Policjanci zatrzymali 39-letniego kierowcę, który wyprzedził ich z dużą prędkością. Jak później tłumaczył, zrobił to, bo partnerka rzuciła mu takie "wyzwanie". Mężczyzna był pijany. Stracił prawo jazdy, już po raz 10.
Miasteccy policjanci patrolowali oznakowanym radiowozem miejscowość Suchorze (Pomorskie), kiedy nagle z dużą prędkością wyprzedził ich samochód. Funkcjonariuszom udało się zatrzymać 39-letniego kierowcę renault. Obok niego siedziała pasażerka.
- Mężczyzna zaczął tłumaczyć funkcjonariuszom, że nie mógł postąpić inaczej, gdyż "wyzwanie" wyprzedzenia radiowozu rzuciła mu partnerka. Policjanci w czasie rozmowy wyczuli od kierowcy zapach alkoholu. Okazało się, że mężczyzna wsiadł za kierownicę, mając ponad pół promila alkoholu w organizmie - przekazał st. sierż. Dawid Łaszcz z Komendy Powiatowej Policji w Bytowie.
Stracił prawo jazdy już 10 raz
Policjanci zatrzymali mężczyźnie prawo jazdy.
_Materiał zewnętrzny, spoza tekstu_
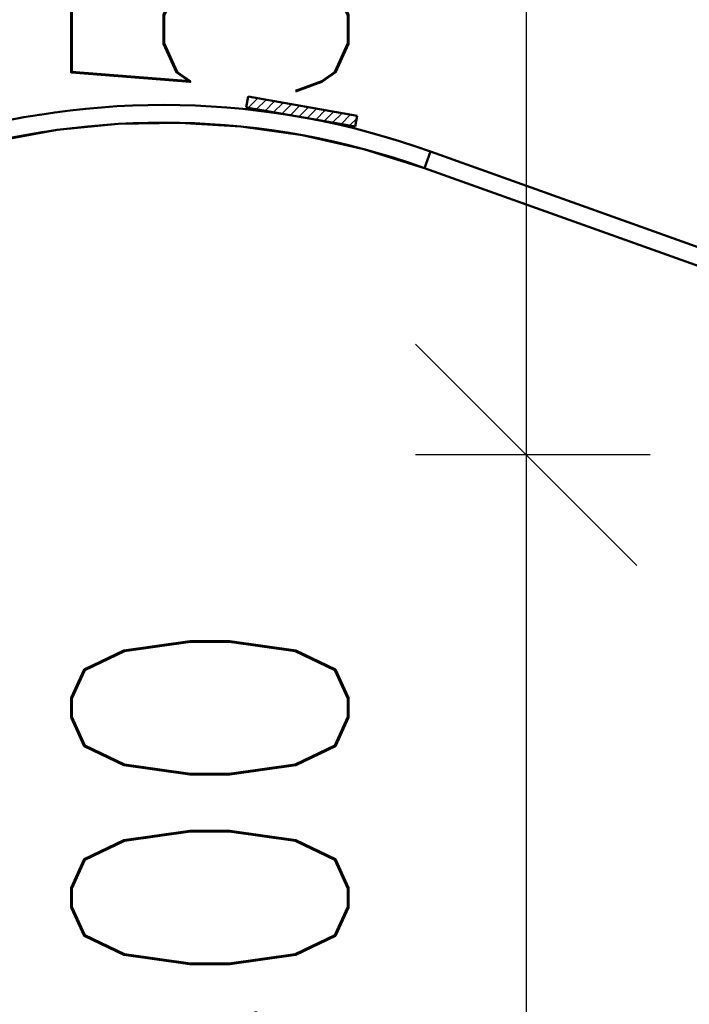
# Paper-space layout 'Layout1' of a CAD drawing. Extents: x -2 to 1033, y -36 to 596.
# Tile 14 of 126: x 31 to 37, y 222 to 231. Entities that reach past the tile are written whole.
import ezdxf

# ---------------------------------------------------------------- set-up
doc = ezdxf.new("R2010")
doc.units = 0
doc.linetypes.add('ACAD_ISO04W100', pattern=[30.5, 24, -3, 0.5, -3])
doc.layers.get('0').update_dxf_attribs({"linetype": 'CONTINUOUS'})
doc.layers.get('DEFPOINTS').update_dxf_attribs({"color": 132, "linetype": 'CONTINUOUS'})
for name, color, linetype, lineweight in [('SS_KOTY', 3, 'CONTINUOUS', 25), ('SS_SRAFY', 8, 'CONTINUOUS', 18), ('SS_ZEBRIK KOŠ', 75, 'CONTINUOUS', 50)]:
    doc.layers.add(name, color=color, linetype=linetype, lineweight=lineweight)
doc.styles.add('ROMANS', font='romans.shx', dxfattribs={"width": 0.8})
doc.dimstyles.new('A-1_(2.5)_50AS', dxfattribs={"dimtxt": 2.5, "dimasz": 2, "dimexe": 1, "dimexo": 2, "dimgap": 0, "dimtad": 0, "dimdec": 1, "dimlfac": 50, "dimrnd": 1, "dimtxsty": 'ROMANS', "dimblk1": 'OBLIQUE', "dimblk2": 'OBLIQUE', "dimsah": 1, "dimcen": 2, "dimclrd": 256, "dimclre": 256, "dimclrt": 256, "dimadec": 1, "dimazin": 2, "dimtfac": 0.714286, "dimtdec": 1, "dimtmove": 0, "dimatfit": 3, "dimldrblk": 'OPEN', "dimfxl": 1, "dimtvp": 1.142857, "dimtfill": 1, "dimtolj": 1, "dimlwd": -1, "dimlwe": -1, "dimarcsym": 0})

# ---------------------------------------------------------------- blocks, each defined once
blk = doc.blocks.new('_Oblique')
at = {"color": 0, "linetype": 'ByBlock', "lineweight": -2}
blk.add_line((-0.5, -0.5), (0.5, 0.5), dxfattribs=at)
blk = doc.blocks.new('*D75')
at = {"layer": 'DEFPOINTS', "color": 0, "transparency": 16777216}
for p in [(43.0471, 238.5836), (35.7261, 227.3836), (38.8471, 227.3836, -5184)]:
    blk.add_point(p, dxfattribs=at)
at = {"layer": 'SS_KOTY', "transparency": 16777216}
for p, q in [((41.0471, 238.5836), (34.7261, 238.5836)), ((35.7261, 238.5836), (35.7261, 227.3836)), ((36.8471, 227.3836), (34.7261, 227.3836))]:
    blk.add_line(p, q, dxfattribs=at)
at = {"layer": 'SS_KOTY', "transparency": 16777216, "xscale": 2, "yscale": 2, "zscale": 2}
for p, rotation in [((35.7261, 238.5836), 90), ((35.7261, 227.3836), 270)]:
    blk.add_blockref('_Oblique', p, dxfattribs=dict(at, rotation=rotation))
at = {"layer": 'SS_KOTY', "transparency": 16777216, "insert": (32.869, 232.9836), "char_height": 2.5, "attachment_point": 5, "rotation": 90, "style": 'ROMANS', "bg_fill": 3, "box_fill_scale": 1.1, "bg_fill_color": 256, "bg_fill_true_color": 13158600, "bg_fill_transparency": 0}
blk.add_mtext('\\A1;560', dxfattribs=at)
blk = doc.blocks.new('_OPEN')
at = {"color": 0, "linetype": 'ByBlock'}
for p, q in [((-1, 0.1667), (0, 0)), ((0, 0), (-1, -0.1667)), ((0, 0), (-1, 0))]:
    blk.add_line(p, q, dxfattribs=at)
blk = doc.blocks.new('*D76')
at = {"layer": 'DEFPOINTS', "color": 0, "transparency": 16777216}
for p in [(38.8471, 227.3836, -5184), (35.7261, 219.3836), (38.8471, 219.3836, -5184)]:
    blk.add_point(p, dxfattribs=at)
at = {"layer": 'SS_KOTY', "transparency": 16777216}
for p, q in [((36.8471, 227.3836), (34.7261, 227.3836)), ((35.7261, 227.3836), (35.7261, 219.3836)), ((36.8471, 219.3836), (34.7261, 219.3836))]:
    blk.add_line(p, q, dxfattribs=at)
at = {"layer": 'SS_KOTY', "transparency": 16777216, "xscale": 2, "yscale": 2, "zscale": 2}
for p, rotation in [((35.7261, 227.3836), 90), ((35.7261, 219.3836), 270)]:
    blk.add_blockref('_Oblique', p, dxfattribs=dict(at, rotation=rotation))
at = {"layer": 'SS_KOTY', "transparency": 16777216, "insert": (32.869, 223.3836), "char_height": 2.5, "attachment_point": 5, "rotation": 90, "style": 'ROMANS', "bg_fill": 3, "box_fill_scale": 1.1, "bg_fill_color": 256, "bg_fill_true_color": 13158600, "bg_fill_transparency": 0}
blk.add_mtext('\\A1;400', dxfattribs=at)

psp = doc.layouts.get("Layout1")

# ---------------------------------------------------------------- dimensions: what is measured, and where the dimension line sits
at = {"layer": 'SS_KOTY'}
dim = psp.add_linear_dim(base=(35.7261, 227.3836), p1=(43.0471, 238.5836), p2=(38.8471, 227.3836, -5184), angle=90, dimstyle='A-1_(2.5)_50AS', dxfattribs=at)
dim.commit()
dim.dimension.update_dxf_attribs({"geometry": '*D75', "text_midpoint": (32.869, 232.9836)})

# ---------------------------------------------------------------- next in the draw order: hatches: boundary and pattern name
at = {"layer": 'SS_SRAFY'}
h = psp.add_hatch(dxfattribs=at)
h.set_pattern_fill('ANSI31', color=5, scale=0.02, style=0)
h.set_pattern_definition([(45, (45.44707, 77.78364), (-0.04490128, 0.04490128), [])])
h.paths.add_polyline_path([(34.1828, 230.348), (34.2002, 230.4465), (33.2154, 230.6202), (33.198, 230.5217)], flags=0)

# ---------------------------------------------------------------- next in the draw order: linework, layer by layer
at = {"layer": 'SS_ZEBRIK KOŠ', "color": 1, "linetype": 'Continuous', "ltscale": 0.25}
for p, q in [((33.2154, 230.6202), (33.198, 230.5217)), ((34.2002, 230.4465), (33.2154, 230.6202)), ((33.198, 230.5217), (34.1828, 230.348)), ((34.1828, 230.348), (34.2002, 230.4465)), ((39.2471, 228.5536), (34.8612, 230.1244))]:
    psp.add_line(p, q, dxfattribs=at)
at = {"layer": 'SS_ZEBRIK KOŠ', "color": 7, "linetype": 'ACAD_ISO04W100', "ltscale": 0.25}
psp.add_line((33.6626, 230.2773), (33.6626, 230.2773), dxfattribs=at)
at = {"layer": 'SS_ZEBRIK KOŠ', "color": 2, "linetype": 'Continuous', "ltscale": 0.25}
psp.add_line((34.8073, 229.9737), (34.8612, 230.1244), dxfattribs=at)

# ---------------------------------------------------------------- next in the draw order: dimensions: what is measured, and where the dimension line sits
at = {"layer": 'SS_KOTY'}
dim = psp.add_linear_dim(base=(35.7261, 219.3836), p1=(38.8471, 227.3836, -5184), p2=(38.8471, 219.3836, -5184), angle=90, dimstyle='A-1_(2.5)_50AS', override={"dimtmove": 1}, dxfattribs=at)
dim.commit()
dim.dimension.update_dxf_attribs({"geometry": '*D76', "text_midpoint": (32.869, 223.3836)})

# ---------------------------------------------------------------- next in the draw order: linework, layer by layer
at = {"layer": 'SS_ZEBRIK KOŠ', "color": 1, "linetype": 'Continuous', "ltscale": 0.25}
psp.add_line((34.8073, 229.9737), (39.2471, 228.3836), dxfattribs=at)
at = {"layer": 'SS_ZEBRIK KOŠ', "color": 7, "linetype": 'ACAD_ISO04W100', "ltscale": 0.25}
psp.add_line((39.2471, 228.3836), (34.8073, 229.9737), dxfattribs=at)
at = {"layer": 'SS_ZEBRIK KOŠ', "color": 2, "linetype": 'Continuous', "ltscale": 0.25, "extrusion": (0, 0, -1)}
psp.add_arc((-32.4471, 223.3836), 7, 250.29515, 109.70485, dxfattribs=at)
at = {"layer": 'SS_ZEBRIK KOŠ', "color": 2, "linetype": 'Continuous', "ltscale": 0.25}
psp.add_arc((32.4471, 223.3836), 7.16, 70.29515, 289.70485, dxfattribs=at)
at = {"layer": 'SS_ZEBRIK KOŠ', "color": 7, "linetype": 'ACAD_ISO04W100', "ltscale": 0.25}
psp.add_arc((32.4471, 223.3836), 7, 70.29515, 289.70485, dxfattribs=at)

doc.saveas('drawing.dxf')

- Ten stwierdził, że to dla niego nic nowego, gdyż wcześniej już dziewięć razy odbierano mu uprawnienia za przekroczenie punktów karnych, co potwierdzili policjanci w systemie - dodał Łaszcz.
Teraz, poza utratą prawa jazdy za kierowanie po alkoholu, 39-latkowi grozi do dwóch lat więzienia.